# vector_alg_development

The purpose of this notebook is to develop practice versions of
an algorithm to convert strings to vectors in a way that
converts string edit distance to Euclidean distance.

## Imports

In [37]:
# Standard library imports
import random

# Third party libraries
import faiss
import numpy as np

## 1. Simply respect replacement distance

The first vectorization should give us exactly
edit distance in Euclidean distance. This is actually
impossible with one coordinate per base, so we'll
use 3 (you need n-1 dimenions for an alphabet of size n).

In [2]:
one_over_root_2 = 1 / np.sqrt(2)

In [3]:
one_over_root_2

0.7071067811865475

In [4]:
# These points are the vertices of a regular tetrahedron centered at the origin.
# I found these values here:
# https://en.wikipedia.org/wiki/Tetrahedron#Coordinates_for_a_regular_tetrahedron
base_vecs = [
    np.array([ 1,  0,  one_over_root_2]),
    np.array([-1,  0,  one_over_root_2]),
    np.array([ 0,  1, -one_over_root_2]),
    np.array([ 0, -1, -one_over_root_2])
]

In [5]:
def dist(a, b):
    return np.linalg.norm(a - b)

In [11]:
# Confirm the base vectors are equidistant.
for i in range(4):
    for j in range(i + 1, 4):
        print(f'{dist(base_vecs[i], base_vecs[j]):.2f}')

2.00
2.00
2.00
2.00
2.00
2.00


In [12]:
np.concatenate([[1, 2], [3, 4]])

array([1, 2, 3, 4])

In [14]:
list('ACGT').index('C')

1

In [15]:
# Convert a string to a vector.
# Each character in s will be come three coordinates in the output string.
# It's expected that s is a string from the alphabet 'ACGT'.
def vec1(s):
    return np.concatenate([base_vecs[list('ACGT').index(let)] for let in s])

In [20]:
vecs = [vec1('ACGT'), vec1('ACTT'), vec1('ACGA')]

In [21]:
# Check pair-wise distances.
for i in range(3):
    for j in range(i + 1, 3):
        print(f'{dist(vecs[i], vecs[j]):.2f}')

2.00
2.00
2.83


In [22]:
# That's good.

## 2. Remember how to use faiss

In this section, I plan to set up and query a vector index.
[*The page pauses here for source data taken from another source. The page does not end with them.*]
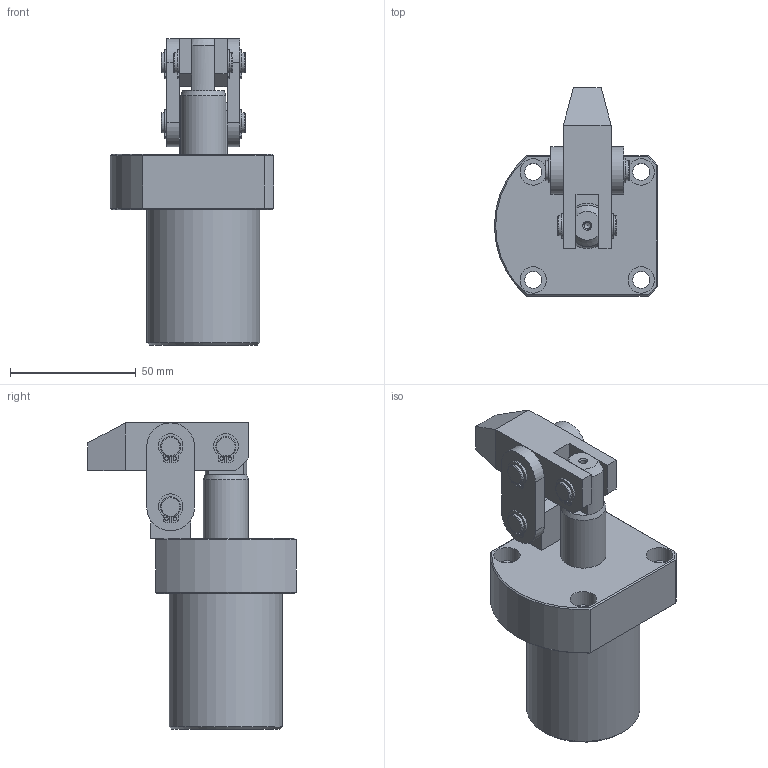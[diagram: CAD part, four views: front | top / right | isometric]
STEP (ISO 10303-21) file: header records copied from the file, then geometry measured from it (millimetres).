
FILE_DESCRIPTION(/* description */ ('Unknown'),/* implementation_level */ '2;1');
FILE_NAME(/* name */ 'HLB-FAM25-L-A',/* time_stamp */ '2025-05-13T02:29:48+08:00',/* author */ ('Unknown'),/* organization */ ('Unknown'),/* preprocessor_version */ 'ST-DEVELOPER v16.7',/* originating_system */ 'DEX',/* authorisation */ $);
FILE_SCHEMA (('AUTOMOTIVE_DESIGN {1 0 10303 214 3 1 1}'));
Length unit declared in the file: millimetre
Products named in the file (8): HLB-FAM25-L-A; HLB-FAM25-L-CYLINDER; HLB-25-墊; HLB-25-A; HLB-2502-AXLE CENTRE; HLB-25-PINªø-; HLB-25-PINµu“á?; HLB-25-CΙ紩
Assembly tree (14 placements, depth 2):
  HLB-FAM25-L-A
    HLB-FAM25-L-CYLINDER
    HLB-25-墊  x2
    HLB-25-A
    HLB-2502-AXLE CENTRE
    HLB-25-PINªø-  x2
    HLB-25-PINµu“á?
    HLB-25-CΙ紩  x6
Bounding box: 65 x 83 x 122 mm (x, y, z)
Volume: 184580 mm3; surface area: 47214.6 mm2
Topology: 14 solids, 14 shells, 254 faces, 581 edges, 381 vertices
Faces by surface type: plane 116, cylinder 113, cone 17, torus 8
Full cylindrical faces by diameter (mm): 1.4 x12, 2 x2, 2.6 x1, 4.1 x2, 6.8 x4, 7.5 x6, 8 x18, 10 x2, 10.5 x4, 18 x2, 25 x2, 45 x1
Entity records: 4126 total; most frequent: DIRECTION 711, CARTESIAN_POINT 694, ORIENTED_EDGE 528, AXIS2_PLACEMENT_3D 299, EDGE_CURVE 264, FACE_BOUND 256, EDGE_LOOP 255, VERTEX_POINT 202

My plan is to make a list of random vectors, index them, and check that
I can successfully retrieve them even if I make small changes to the
query vector.

In [31]:
# This is the dimension I'll use for the test vectors.
dimn = 10

In [34]:
# Make 1,000 random vectors.
rand_vecs = np.random.rand(1_000, dimn)

In [36]:
# Build the index.
vec_index = faiss.IndexFlatL2(dimn)
vec_index.add(rand_vecs)

In [50]:
# Confirm that exact lookups work.
for _ in range(3):
    idx = random.randint(0, 999)
    distances, indices = vec_index.search(rand_vecs[idx].reshape(1, -1), 5)
    print(idx, indices, distances)

142 [[142 553 512 346 927]] [[0.         0.33740926 0.37946406 0.43927175 0.45978835]]
52 [[ 52 340 118 521 355]] [[0.         0.30508032 0.35074192 0.4079569  0.41953716]]
377 [[377 867 839 638 502]] [[0.         0.39025795 0.51106936 0.5268204  0.54613125]]


In [51]:
# That looks like it's working correctly to me.